L’Union Polynésienne à venir

Localisation de la Polynésie, de la Micronésie et de la Mélanésie

Article paru sur Strategic-Culture, traduit par Soverain

La combinaison du paternalisme colonial et post-colonial des pays industrialisés occidentaux, la redécouverte d’un passé glorieux et l’effondrement de la domination unipolaire américaine conduisent la région polynésienne du Pacifique vers une future union politique et économique. Le Groupe des dirigeants polynésiens (PLG) se fait une place politique et diplomatique dans la région Asie-Pacifique.

Le PLG, réuni lors de son 8e sommet à Tuvalu en juin 2018, a admis trois nouveaux membres – Rapa Nui (île de Pâques), Hawaï, et la Nouvelle-Zélande, ou, comme on l’appelle en langue maori, Aotearoa. Ces possibles membres d’une future Union polynésienne se sont joints aux Samoa, aux Samoa américaines, au Tonga, à Tuvalu, aux îles Cook, à Niue, à la Polynésie française, aux Tokélaou et à Wallis-et-Futuna dans le PLG.

Dans la seconde moitié du XIXe siècle, quatre rois polynésiens, craignant d’empiéter sur les mouvements impérialistes occidentaux dans le Pacifique Sud, ont tenté de former une alliance de royaumes polynésiens pour tenir tête aux puissances coloniales européennes et américaines. Les principaux partisans de l’alliance étaient le roi Pomare V de Tahiti, le roi Kamehameha V d’Hawaï, le roi Malietoa Laupepa de Samoa et le roi George Tupou II de Tonga.

La réunion des dirigeants du PLG à Tuvalu a laissé entrevoir la possibilité que d’autres Etats polynésiens rejoignent leur alliance.

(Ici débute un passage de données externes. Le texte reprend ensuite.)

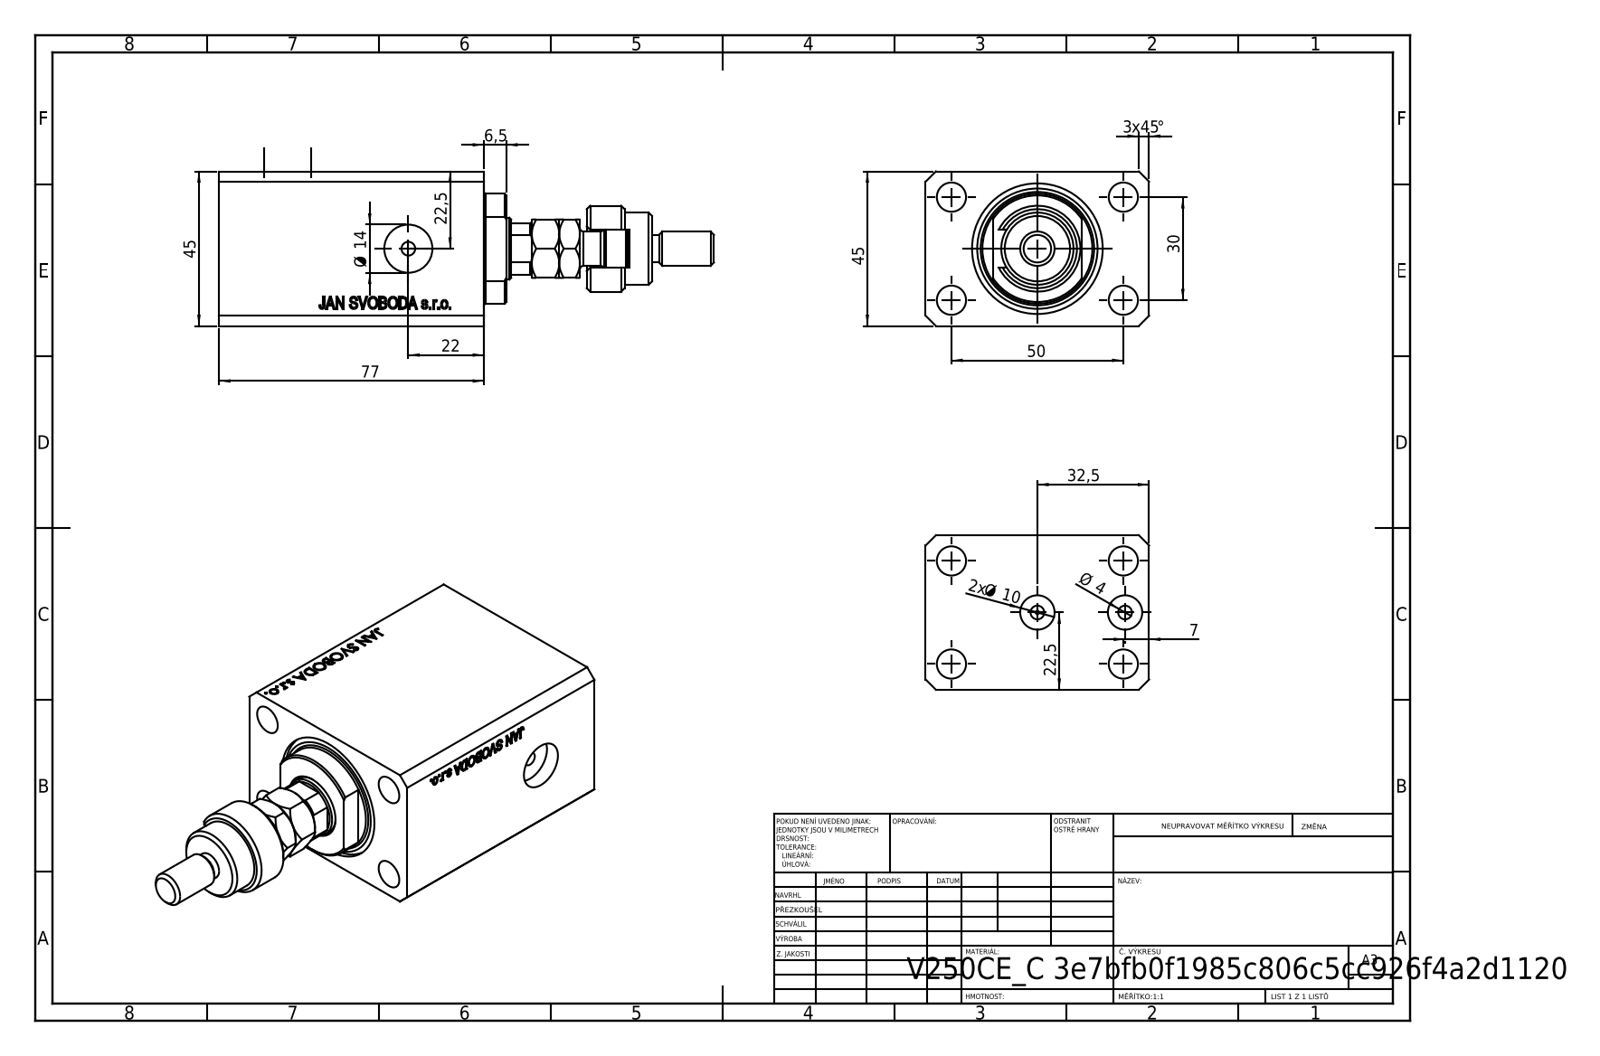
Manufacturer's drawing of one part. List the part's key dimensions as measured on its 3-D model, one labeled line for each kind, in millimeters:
Part name (STEP PRODUCT): V250CE_VC_C; MFA; V250CE_C_Body; FEMALE_PART_FOR_DFA (+1 more)
STEP written by: SolidWorks 2019 (CONFIG_CONTROL_DESIGN)
Units: millimetres
Bodies: 5 solids, 957 faces (456 planar, 63 cylindrical, 438 other)
Overall size (bounding box): 143.9 × 65 × 45
Volume: 215 291 mm³ · Surface area: 58 273 mm²
Round holes (diameter × count): ⌀8.5 ×5, ⌀4 ×4, ⌀14 ×2, ⌀1.25 ×1, ⌀10 ×1, ⌀18 ×1, ⌀38 ×1
Round bosses / shafts (diameter × count): ⌀25 ×1, ⌀21 ×1, ⌀16 ×1, ⌀10 ×1, ⌀8 ×1
Partial cylindrical surfaces — rounded edges, fillets, slot ends (radius × count): R5.5 ×1, R8.5 ×1, R8.75 ×1, R16 ×1
Main face-to-face distances: 45, 65, 77, 51.9, 25.1, 6.9, 70.1, 14, 6.5, 73.52
Hole centre spacings: 29.15, 15.01, 30, 50, 52.68, 58.31, 25.5, 33

Il s’agit notamment de l’île Norfolk, dont le statut d’autonomie a été unilatéralement aboli par l’Australie en 2016, des îles Pitcairn, territoire d’outre-mer du Royaume-Uni, de l’atoll Johnston, le récif Kingman, l’atoll Palmyra, l’île Howland, l’île Jarvis et les îles Baker, administrés par le gouvernement fédéral des États-Unis en tant que territoire incorporé et non organisé, et de Rotuma, une dépendance des Fidji.

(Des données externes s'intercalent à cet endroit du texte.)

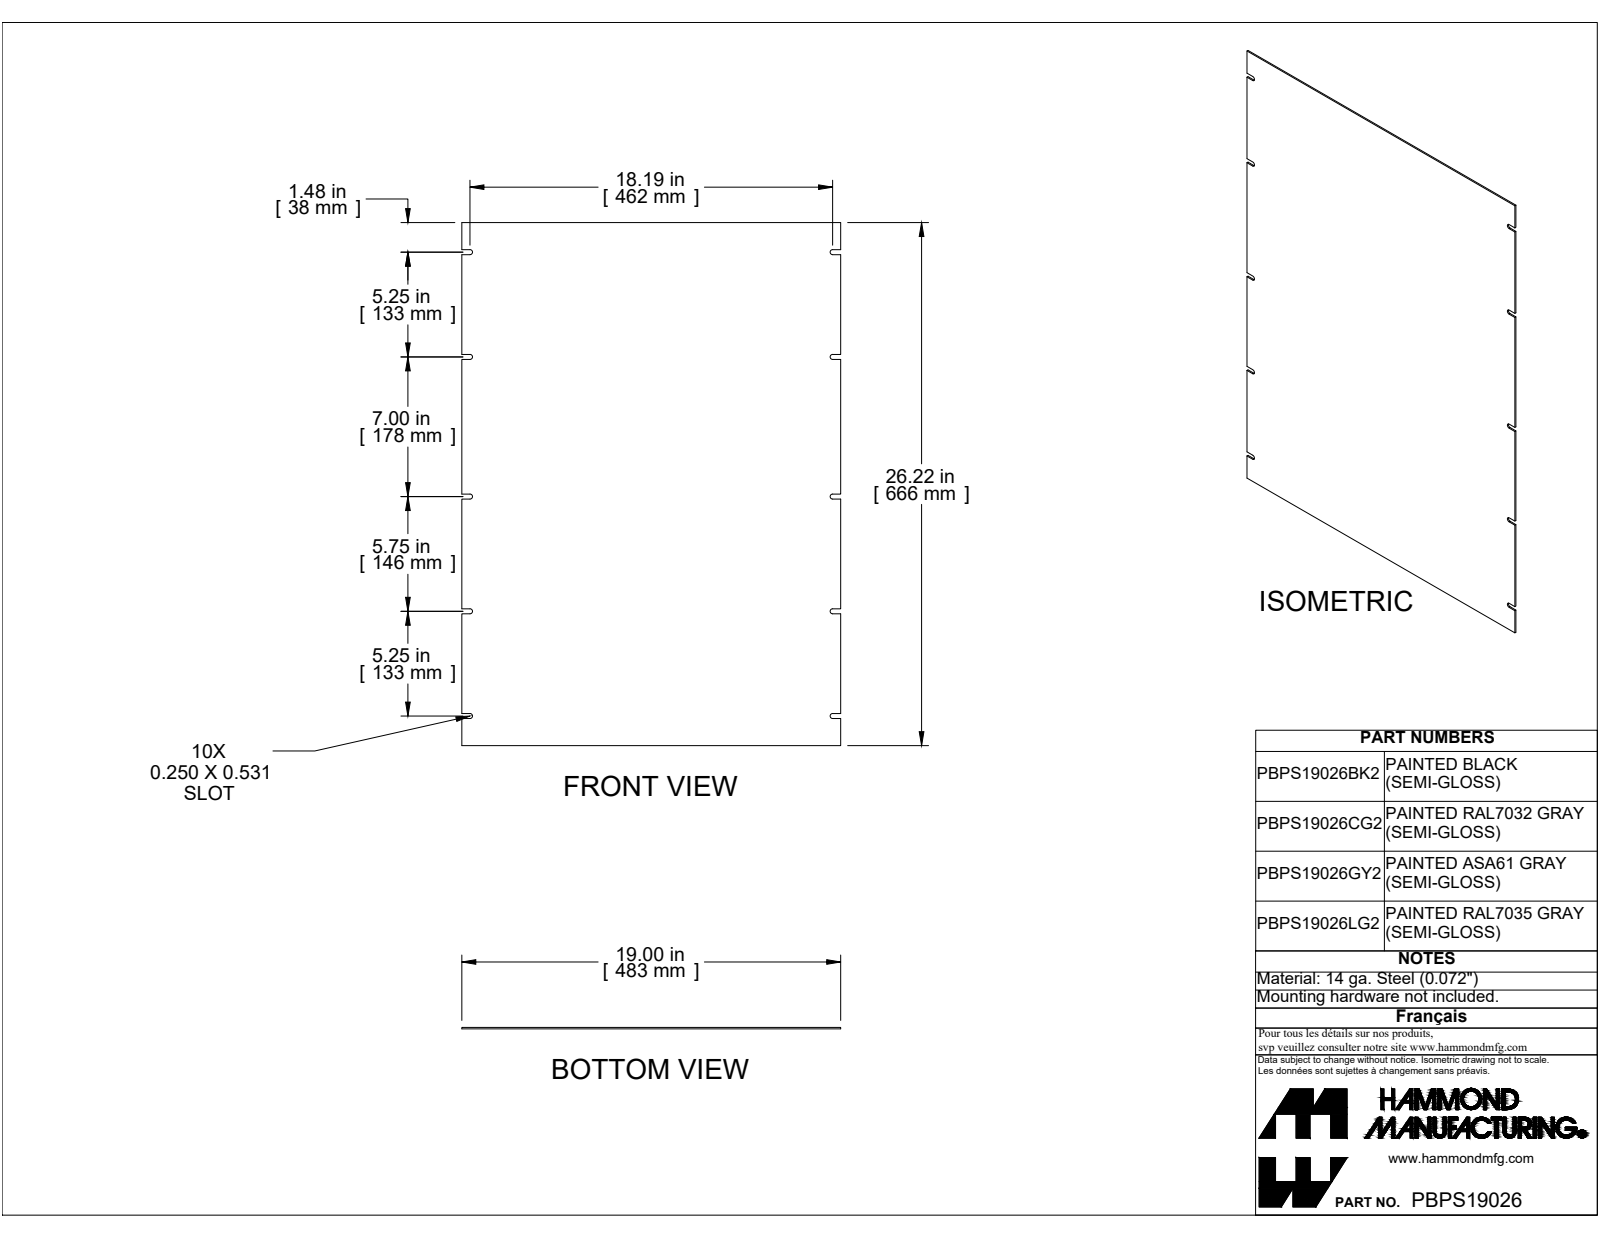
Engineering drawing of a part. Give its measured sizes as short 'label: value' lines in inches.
name: PBPS19026LG2
written by: SolidWorks 2019 (CONFIG_CONTROL_DESIGN)
unit: in
bodies: 1 solid, 46 faces (36 planar, 10 cylindrical, 0 other)
size: 26.218 × 19 × 0.072
volume: 35.78 in³; area: 1 001 in²
rounds: 10× R0.125
face distances: 0.072, 19, 26.218, 5.25, 0.25, 18, 12.75, 5.5, 5, 6.609

Les îles à majorité mélanésienne et micronésienne du Pacifique pourraient également être invitées à adhérer à une Union polynésienne. Il s’agit notamment d’Anuta, une île très peuplée de 300 habitants dans les Îles Salomon ; Bellona, Ontong Java, Pileni, Sikaiana, Tikopia et Rennell dans les Îles Salomon ; Mele et Emae au Vanuatu ; Nukumanu et Takuuu en Papouasie-Nouvelle-Guinée ; et Kapingamarangi et Nukuoro dans les États fédérés de Micronésie.

Les Polynésiens sont de plus en plus lassés d’être traités comme des citoyens de deuxième et de troisième classe sur leurs propres îles ancestrales. Ils sont de plus en plus préoccupés par leur avenir collectif alors qu’ils sont témoins, île après île, de l’engloutissement provoqué par l’élévation du niveau de la mer causée par le changement climatique mondial. Leur capacité à se gouverner est entravée par des rapports politiques inéquitables avec les pouvoirs métropolitains imposés par les autorités coloniales. Niue et les îles Cook sont soumises au statut « d’État associé » avec la Nouvelle-Zélande. La Micronésie a un « Compact of Free Association » avec les Etats-Unis. La Polynésie française et Wallis-et-Futuna sont des territoires de la France. L’île Norfolk a été absorbée administrativement et politiquement par l’État australien de la Nouvelle-Galles du Sud et le Territoire de la capitale australienne.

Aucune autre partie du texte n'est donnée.